Benefícios fiscais à criação de emprego
Pensar em introduzir um crédito fiscal (via dedução à coleta ou mesmo via dedução ao rendimento tributável, através de uma majoração de custos) para as empresas que criem emprego. Tem vindo a ser dito de forma insistente que no cenário atual isso não faria sentido, nomeadamente pelo facto de o País se encontrar em pleno emprego, pelo que não fará sentido criar um crédito fiscal com esse alcance.

Se assim é, então porque é que se penalizam as empresas, através da impossibilidade de aceder a determinados benefícios fiscais, quando diminuem os seus postos de trabalho? Até pode fazer sentido que assim seja, mas neste caso então, a contrario, deve-se “premiar”, pela vis fiscal, quem cria emprego. A criação de emprego é algo que deve ser sempre valorizado pelo legislador fiscal.

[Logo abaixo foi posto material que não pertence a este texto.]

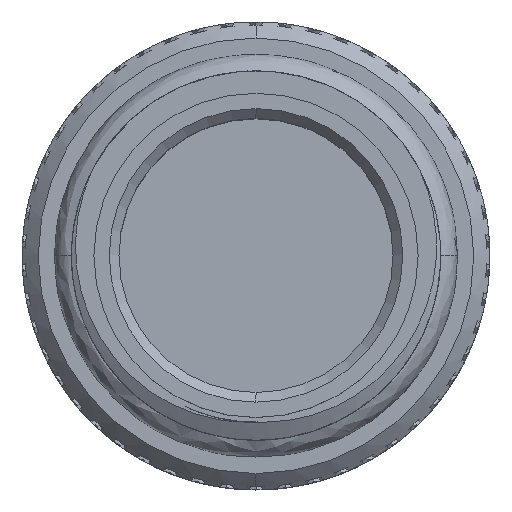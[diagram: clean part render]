
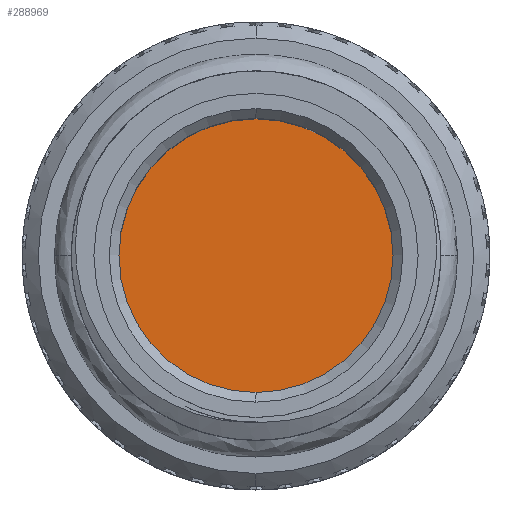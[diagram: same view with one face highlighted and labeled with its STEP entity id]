
A CAD part, top view. The second image highlights one B-rep face of the part: STEP entity #288969.
In plain terms, the highlighted planar face has unit normal (0, 0, 1).
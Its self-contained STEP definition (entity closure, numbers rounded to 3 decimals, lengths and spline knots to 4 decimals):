
#17866 = EDGE_CURVE ( 'NONE', #288855, #101394, #286898, .T. ) ;
#25063 = CARTESIAN_POINT ( 'NONE',  ( 0., 4.25, -9.3 ) ) ;
#42480 = CIRCLE ( 'NONE', #149971, 4.25 ) ;
#47272 = ORIENTED_EDGE ( 'NONE', *, *, #194745, .T. ) ;
#61165 = PLANE ( 'NONE',  #303248 ) ;
#96188 = DIRECTION ( 'NONE',  ( -1., 0., 0. ) ) ;
#101394 = VERTEX_POINT ( 'NONE', #182738 ) ;
#116927 = ORIENTED_EDGE ( 'NONE', *, *, #17866, .T. ) ;
#122204 = CARTESIAN_POINT ( 'NONE',  ( 0., 0., -9.3 ) ) ;
#125263 = AXIS2_PLACEMENT_3D ( 'NONE', #258701, #136245, #275639 ) ;
#136245 = DIRECTION ( 'NONE',  ( 0., 0., 1. ) ) ;
#149971 = AXIS2_PLACEMENT_3D ( 'NONE', #122204, #234135, #96188 ) ;
#154622 = CARTESIAN_POINT ( 'NONE',  ( 0., 0., -9.3 ) ) ;
#182738 = CARTESIAN_POINT ( 'NONE',  ( 0., -4.25, -9.3 ) ) ;
#194745 = EDGE_CURVE ( 'NONE', #101394, #288855, #42480, .T. ) ;
#234135 = DIRECTION ( 'NONE',  ( 0., 0., 1. ) ) ;
#245957 = EDGE_LOOP ( 'NONE', ( #47272, #116927 ) ) ;
#248063 = DIRECTION ( 'NONE',  ( 1., 0., 0. ) ) ;
#258701 = CARTESIAN_POINT ( 'NONE',  ( 0., 0., -9.3 ) ) ;
#271029 = FACE_OUTER_BOUND ( 'NONE', #245957, .T. ) ;
#275639 = DIRECTION ( 'NONE',  ( -1., 0., 0. ) ) ;
#286898 = CIRCLE ( 'NONE', #125263, 4.25 ) ;
#288855 = VERTEX_POINT ( 'NONE', #25063 ) ;
#288969 = ADVANCED_FACE ( 'NONE', ( #271029 ), #61165, .T. ) ;
#295539 = DIRECTION ( 'NONE',  ( 0., 0., 1. ) ) ;
#303248 = AXIS2_PLACEMENT_3D ( 'NONE', #154622, #295539, #248063 ) ;

Em conclusão, se é verdade que vivemos momentos de incerteza associados ao cenário com que o mundo atualmente se confronta, dadas as múltiplas ondas sistémicas existentes, por outro lado, parece que o Governo poderia ter dado sinais de uma maior aposta no nosso tecido empresarial, pela via fiscal. A esperança reside agora no Orçamento do Estado para 2023, pois estamos a escassos meses (em outubro de 2022) de ver o que vai ser proposto pelo Executivo. Será, por certo, uma excelente oportunidade que deve ser aproveitada!